— Appeal by the defendant from a judgment of the County Court, Suffolk County (Seidell, J.), rendered July 27, 1984, convicting him of manslaughter in the second degree, operating a motor vehicle while under the influence of alcohol as a felony, and driving with a revoked license, after a nonjury trial, and imposing sentence. The appeal brings up for review, inter alia, the denial, after a hearing, of that branch of the defendant’s presentence motion which was to set aside the verdict based on newly discovered evidence.
Judgment affirmed.
"The standard for reviewing the legal sufficiency of evidence in a criminal case is whether 'after viewing the evidence in the light most favorable to the prosecution, any rational trier of fact could have found the essential elements of the crime beyond a reasonable doubt’ ” (People v Contes, 60 NY2d 620, 621, quoting from Jackson v Virginia, 443 US 307, 319). The *736evidence adduced at the trial in this case shows that the defendant was, in fact, the driver of the Cadillac involved in an accident in which one person was killed and three people were injured, and satisfies the Contes test.

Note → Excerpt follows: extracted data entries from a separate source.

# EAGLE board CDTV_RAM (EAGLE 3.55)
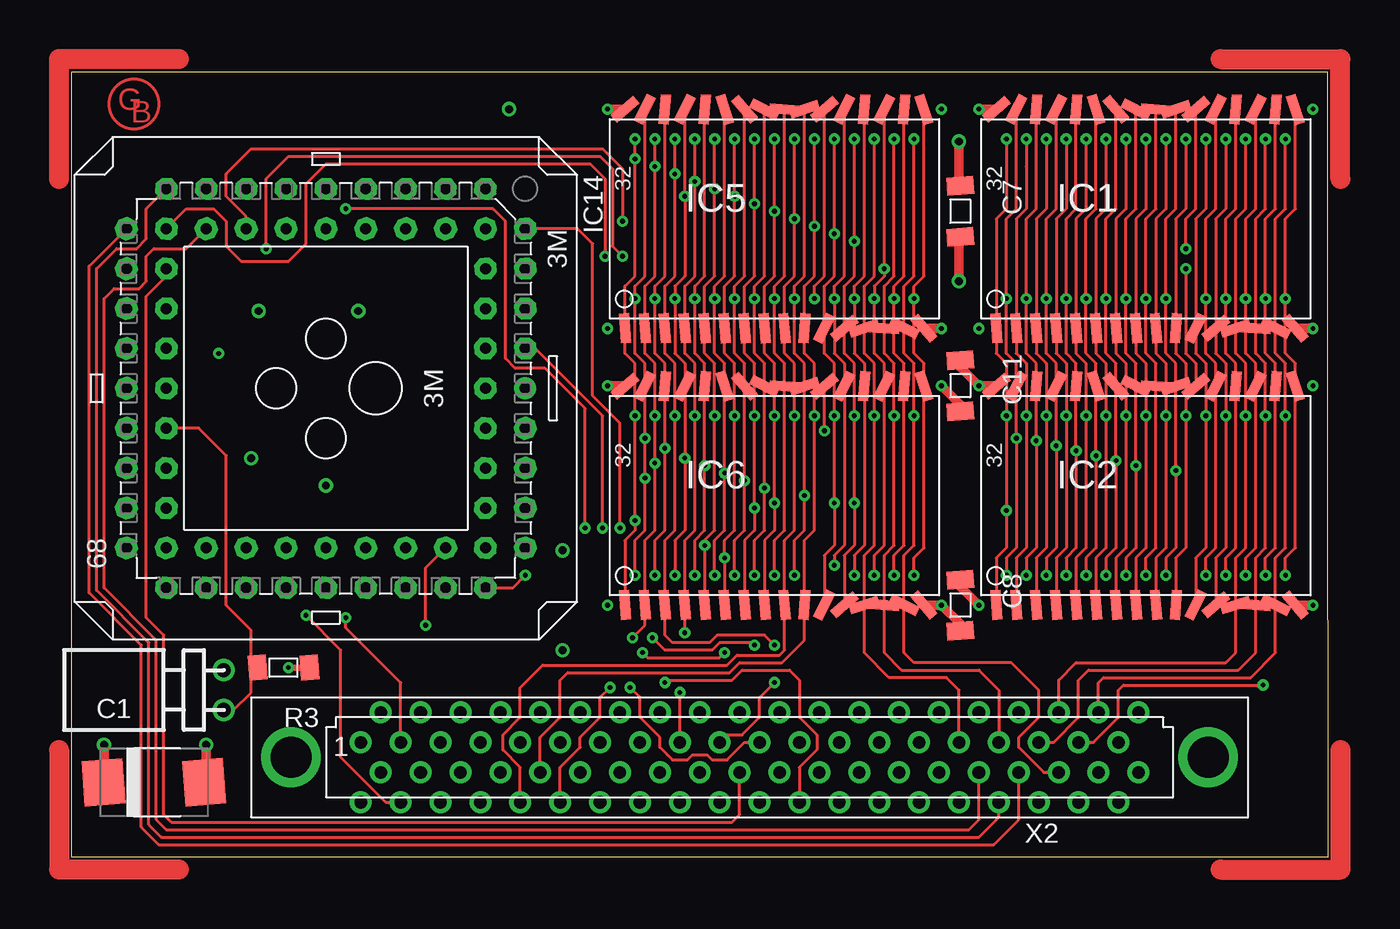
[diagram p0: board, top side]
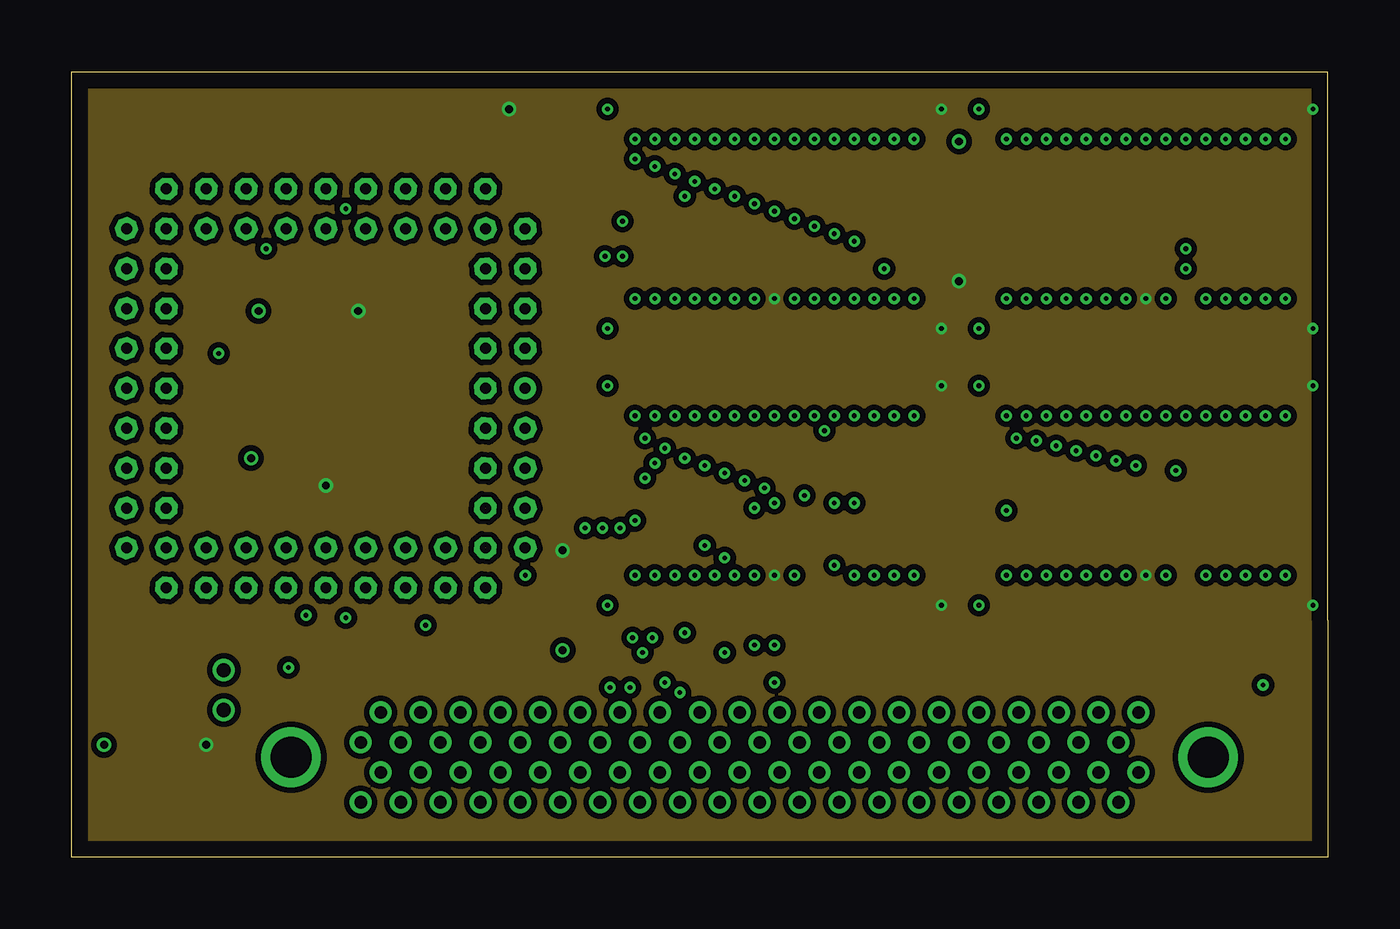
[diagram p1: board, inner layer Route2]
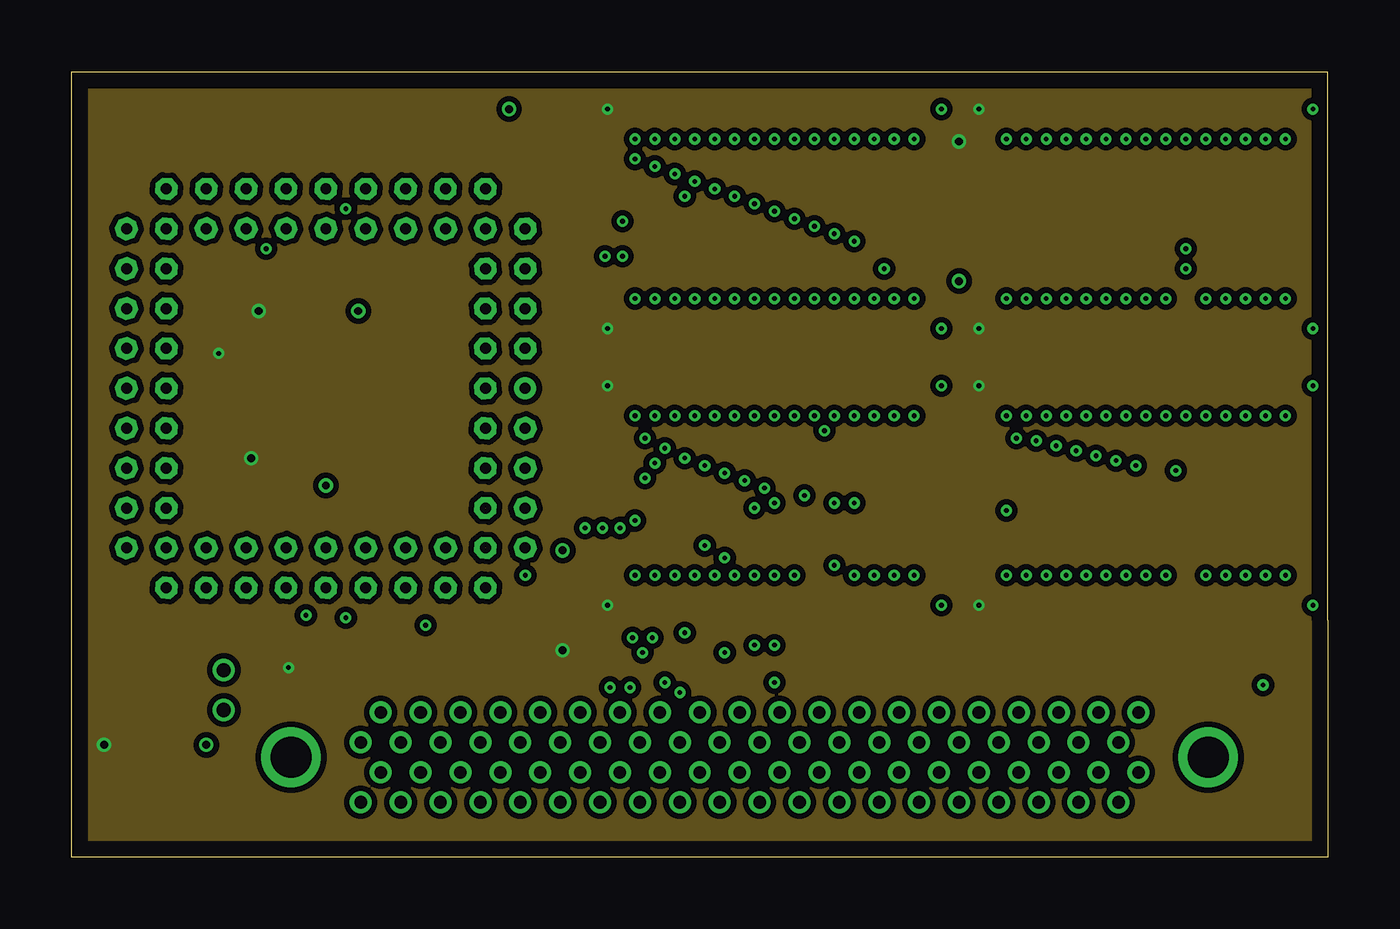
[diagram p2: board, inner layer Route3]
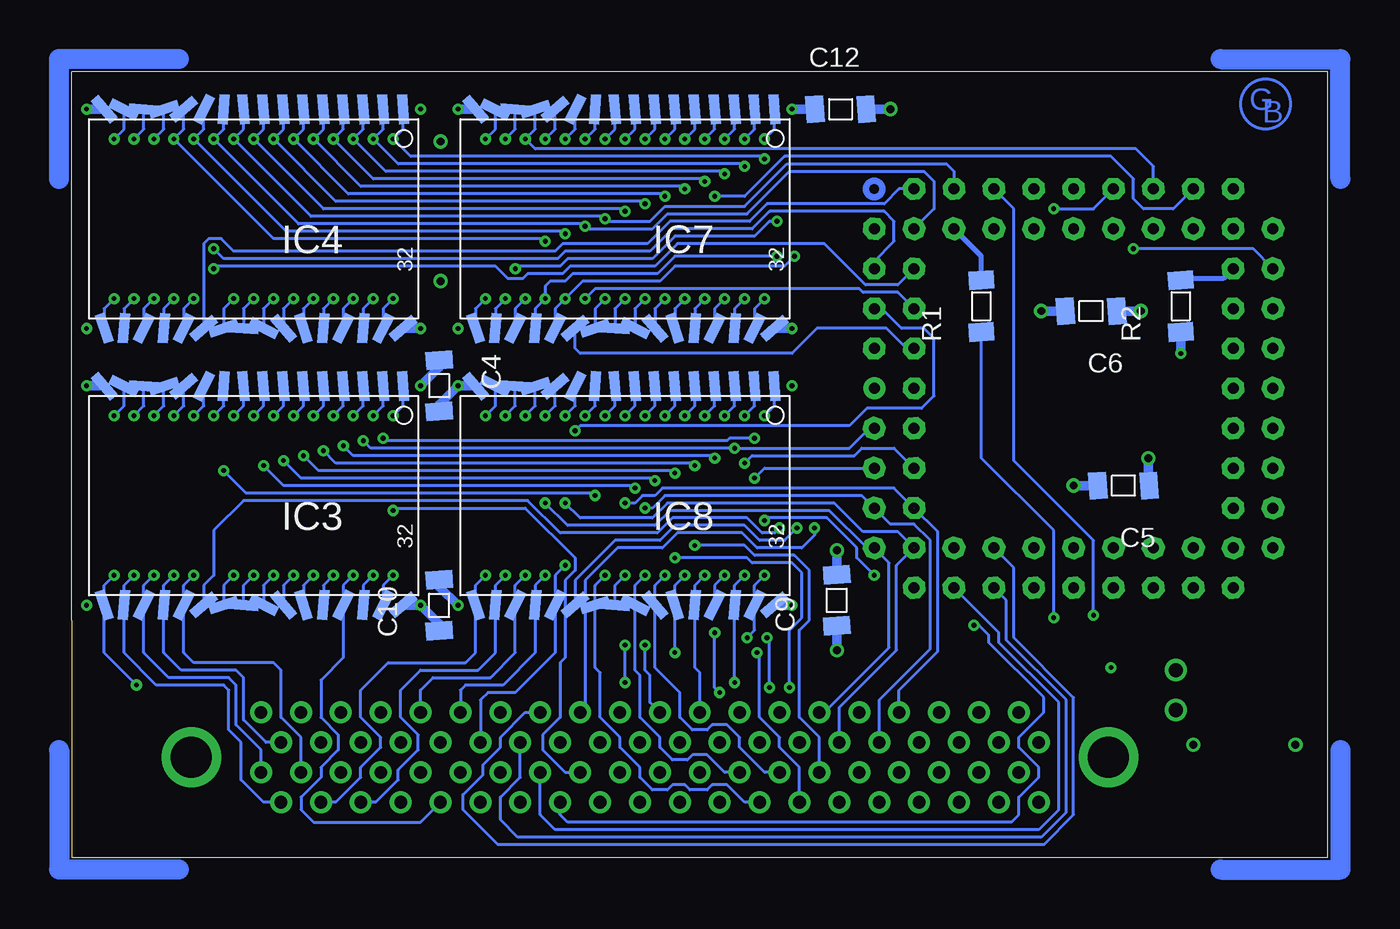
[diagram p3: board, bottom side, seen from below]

Size 80.01 x 50.01 mm. Coordinates in mm from the lower left corner, seen from the top.
Outline: 80.01,15.08 80.01,0 0,0 0,50.01 80.01,50.01 80.01,15.08
Copper layers used: Top, Route2, Route3, Bottom

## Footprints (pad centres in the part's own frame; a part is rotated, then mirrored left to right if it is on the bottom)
43 = smd 2.6 x 2.9 rotated 4.4:  3.207,0 | smd 2.6 x 2.9 rotated 4.3:  -3.207,0
06 = smd 1.143 x 1.702 rotated 4.4:  1.632,0 | smd 1.143 x 1.702 rotated 4.3:  -1.632,0
J32/5 = smd 0.635 x 1.905 rotated 49.5:  -9.525,6.966 | smd 0.635 x 1.905 rotated 27:  -8.255,6.966 | smd 0.635 x 1.905 rotated 4.5:  -6.985,6.966;  -6.985,-6.966 | smd 0.635 x 1.905 rotated 206.9:  -5.715,6.966 | smd 0.635 x 1.905 rotated 184.4:  -4.445,6.966 | smd 0.635 x 1.905 rotated 26.9:  4.445,6.966 | smd 0.635 x 1.905 rotated 49.4:  3.175,6.966 | smd 0.635 x 1.905 rotated 71.9:  1.905,6.966 | smd 0.635 x 1.905 rotated 94.4:  0.635,6.966 | smd 0.635 x 1.905 rotated 49.3:  4.445,-6.966 | smd 0.635 x 1.905 rotated 26.8:  3.175,-6.966 | smd 0.635 x 1.905 rotated 4.3:  1.905,-6.966;  -9.525,-6.966 | smd 0.635 x 1.905 rotated 5:  0.635,-6.966 | smd 0.635 x 1.905 rotated 4.7:  -4.445,-6.966;  -3.175,-6.966 | smd 0.635 x 1.905 rotated 4.6:  -5.715,-6.966 | smd 0.635 x 1.905 rotated 4.4:  -8.255,-6.966;  5.715,6.966 | smd 0.635 x 1.905 rotated 71.8:  5.715,-6.966 | smd 0.635 x 1.905 rotated 161.9:  -3.175,6.966 | smd 0.635 x 1.905 rotated 116.9:  -0.635,6.966 | smd 0.635 x 1.905 rotated 4.9:  -0.635,-6.966 | smd 0.635 x 1.905 rotated 139.4:  -1.905,6.966 | smd 0.635 x 1.905 rotated 4.8:  -1.905,-6.966 | smd 0.635 x 1.905 rotated 94.3:  6.985,-6.966 | smd 0.635 x 1.905 rotated 206.8:  6.985,6.966 | smd 0.635 x 1.905 rotated 116.8:  8.255,-6.966 | smd 0.635 x 1.905 rotated 139.3:  9.525,-6.966 | smd 0.635 x 1.905 rotated 184.3:  8.255,6.966 | smd 0.635 x 1.905 rotated 161.8:  9.525,6.966
CC68 = drill 0.7 pad 1.4 round:  0,12.7 | drill 0.7 pad 1.4 octagon:  0,10.16;  -2.54,12.7;  -2.54,10.16;  -5.08,12.7;  -5.08,10.16;  -7.62,12.7;  -7.62,10.16;  -10.16,12.7;  -12.7,10.16;  -10.16,10.16;  -12.7,7.62;  -10.16,7.62;  -12.7,5.08;  -10.16,5.08;  -12.7,2.54;  -10.16,2.54;  -12.7,0;  -10.16,0;  -12.7,-2.54;  -10.16,-2.54;  -12.7,-5.08;  -10.16,-5.08;  -12.7,-7.62;  -10.16,-7.62;  -12.7,-10.16;  -10.16,-12.7;  -10.16,-10.16;  -7.62,-12.7;  -7.62,-10.16;  -5.08,-12.7;  -5.08,-10.16;  -2.54,-12.7;  -2.54,-10.16;  0,-12.7;  0,-10.16;  2.54,-12.7;  2.54,-10.16;  5.08,-12.7;  5.08,-10.16;  7.62,-12.7;  7.62,-10.16;  10.16,-12.7;  12.7,-10.16;  10.16,-10.16;  12.7,-7.62;  10.16,-7.62;  12.7,-5.08;  10.16,-5.08;  12.7,-2.54;  10.16,-2.54;  12.7,0;  10.16,0;  12.7,2.54;  10.16,2.54;  12.7,5.08;  10.16,5.08;  12.7,7.62;  10.16,7.62;  12.7,10.16;  10.16,12.7;  10.16,10.16;  7.62,12.7;  7.62,10.16;  5.08,12.7;  5.08,10.16;  2.54,12.7;  2.54,10.16
04 = smd 1.16 x 1.6 rotated 4.4:  1.651,0 | smd 1.16 x 1.6 rotated 4.3:  -1.651,0
UECK-J = drill 0.9 pad 1.422 round:  -1.27,5.08;  1.27,5.08
TV-80 = drill 2.6 pad 3.8 round: 1 29.21,0; 2 -29.21,0 | drill 0.8 pad 1.4 round:  24.765,-0.953;  24.765,2.857;  23.495,-2.857;  23.495,0.953;  22.225,-0.953;  22.225,2.857;  20.955,-2.857;  20.955,0.953;  19.685,-0.953;  19.685,2.857;  18.415,-2.857;  18.415,0.953;  17.145,-0.953;  17.145,2.857;  15.875,-2.857;  15.875,0.953;  14.605,-0.953;  14.605,2.857;  13.335,-2.857;  13.335,0.953;  12.065,-0.953;  12.065,2.857;  10.795,-2.857;  10.795,0.953;  9.525,-0.953;  9.525,2.857;  8.255,-2.857;  8.255,0.953;  6.985,-0.953;  6.985,2.857;  5.715,-2.857;  5.715,0.953;  4.445,-0.953;  4.445,2.857;  3.175,-2.857;  3.175,0.953;  1.905,-0.953;  1.905,2.857;  0.635,-2.857;  0.635,0.953;  -0.635,-0.953;  -0.635,2.857;  -1.905,-2.857;  -1.905,0.953;  -3.175,-0.953;  -3.175,2.857;  -4.445,-2.857;  -4.445,0.953;  -5.715,-0.953;  -5.715,2.857;  -6.985,-2.857;  -6.985,0.953;  -8.255,-0.953;  -8.255,2.857;  -9.525,-2.857;  -9.525,0.953;  -10.795,-0.953;  -10.795,2.857;  -12.065,-2.857;  -12.065,0.953;  -13.335,-0.953;  -13.335,2.857;  -14.605,-2.857;  -14.605,0.953;  -15.875,-0.953;  -15.875,2.857;  -17.145,-2.857;  -17.145,0.953;  -18.415,-0.953;  -18.415,2.857;  -19.685,-2.857;  -19.685,0.953;  -20.955,-0.953;  -20.955,2.857;  -22.225,-2.857;  -22.225,0.953;  -23.495,-0.953;  -23.495,2.857;  -24.765,-2.857;  -24.765,0.953

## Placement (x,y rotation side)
C1  47uF  [43]  5.24,4.76 0 top
C4  100nF  [06]  56.59,30 270 bottom
C5  100nF  [06]  13.02,23.65 180 bottom
C6  100nF  [06]  15.08,34.77 180 bottom
C7  100nF  [06]  56.59,41.12 270 top
C8  100nF  [06]  56.59,16.03 270 top
C9  100nF  [06]  31.27,16.35 90 bottom
C10  100nF  [06]  56.59,16.03 90 bottom
C11  100nF  [06]  56.59,30 270 top
C12  100nF  [06]  31.04,47.63 0 bottom
IC1  628512  [J32/5]  68.42,40.64 0 top
IC2  628512  [J32/5]  68.42,23.02 0 top
IC3  628512  [J32/5]  68.42,23.02 180 bottom
IC4  628512  [J32/5]  68.42,40.64 180 bottom
IC5  628512  [J32/5]  44.77,40.64 0 top
IC6  628512  [J32/5]  44.77,23.02 0 top
IC7  628512  [J32/5]  44.77,40.64 180 bottom
IC8  628512  [J32/5]  44.77,23.02 180 bottom
IC14  LSI1024  [CC68]  16.19,29.85 270 top
R1  332R  [04]  22.07,35.08 90 bottom
R2  4k7  [04]  9.37,35.08 90 bottom
R3  4k7  [04]  13.49,12.07 180 top
S1  JUM-BR  [UECK-J]  4.6,10.64 270 top
U$2  []  3.97,47.94 0 top
U$3  [LO-2]  80.17,-0.16 180 top
U$4  [LO-2]  -0.16,-0.16 90 top
U$5  [LO-2]  80.17,50.16 270 top
U$6  []  3.97,47.94 0 bottom
U$9  [LO-2]  -0.16,50.17 0 top
X2  CDTV-80  [TV-80]  43.18,6.35 180 top

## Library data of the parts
C1 C4-C12 R1-R3 = SMD
IC1-IC8 = SMD-IC
IC14 = DIL-IC
S1 X2 = Stecker
U$2-U$6 U$9 = MARKS

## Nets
A1: IC1. IC2. IC3. IC4. IC5. IC6. IC7. IC8. IC14. X2.
A2: IC1. IC2. IC3. IC4. IC5. IC6. IC7. IC8. IC14. X2.
A3: IC1. IC2. IC3. IC4. IC5. IC6. IC7. IC8. IC14. X2.
A4: IC1. IC2. IC3. IC4. IC5. IC6. IC7. IC8. IC14. X2.
A5: IC1. IC2. IC3. IC4. IC5. IC6. IC7. IC8. IC14. X2.
A6: IC1. IC2. IC3. IC4. IC5. IC6. IC7. IC8. IC14. X2.
A7: IC1. IC2. IC3. IC4. IC5. IC6. IC7. IC8. X2.
A8: IC1. IC2. IC3. IC4. IC5. IC6. IC7. IC8. X2.
A9: IC1. IC2. IC3. IC4. IC5. IC6. IC7. IC8. X2.
A10: IC1. IC2. IC3. IC4. IC5. IC6. IC7. IC8. X2.
A11: IC1. IC2. IC3. IC4. IC5. IC6. IC7. IC8. X2.
A12: IC1. IC2. IC3. IC4. IC5. IC6. IC7. IC8. X2.
A13: IC1. IC2. IC3. IC4. IC5. IC6. IC7. IC8. X2.
A14: IC1. IC2. IC3. IC4. IC5. IC6. IC7. IC8. X2.
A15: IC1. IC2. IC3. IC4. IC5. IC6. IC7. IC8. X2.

The defendant was properly tried for manslaughter in the second degree under Penal Law § 125.15. The defendant contends that instead he should have been tried under the vehicular manslaughter statute, Penal Law § 125.12, which became effective after the date of the incident, but prior to his trial. Assuming, arguendo, that both statutes were applicable in this case, there is no legislative mandate directing the People to try all cases involving deaths resulting from drunk driving solely under Penal Law § 125.12 (see, L 1983, ch 298). Therefore, the choice of statute under which to proceed rests within the discretion of the prosecutor (see, People v Valenza, 60 NY2d 363, 371; People v Eboli, 34 NY2d 281, 287).
The defendant protests the trial court’s denial of that branch of his presentence motion pursuant to CPL article 330 which was to set aside the verdict on the basis of newly discovered evidence. The trial court held a hearing on the motion at which testimony was taken. The court found that although the evidence proffered by the defendant was new evidence discovered since the trial that could not have been presented by him at the trial even with due diligence, the evidence was not of such a character as to create a probability that if it had been received at the trial, the verdict would have been more favorable to the defendant (see, CPL 330.30 [3]). The trial court’s denial of the defendant’s motion to set aside the verdict, in light of the fact that neither of his prospective witnesses saw who drove the Cadillac, and in light of the court’s finding that these witnesses were insufficiently credible, was not an abuse of discretion (see, People v Slaughter, 37 NY2d 596, 600-601; People v Hazelton, 58 AD2d 945).
The defendant also contends that his sentence is harsh and excessive. The Trial Judge should impose a sentence consistent with the protection of the public, the gravity of the offense and the rehabilitative needs of the defendant (see, People v Suitte, 90 AD2d 80; People v Notey, 72 AD2d 279, 282-283). The sentencing Judge, in reviewing the scourge of drunk driving, the cavalier attitude of the defendant toward the law, and his lack of remorse for his crime, correctly sentenced the defendant in accordance with the Suitte and Notey standards.
The defendant’s other allegations of error were unpreserved for appellate review. In any event, we find them devoid of *737merit. Mangano, J. P., Gibbons, Lawrence and Kunzeman, JJ., concur.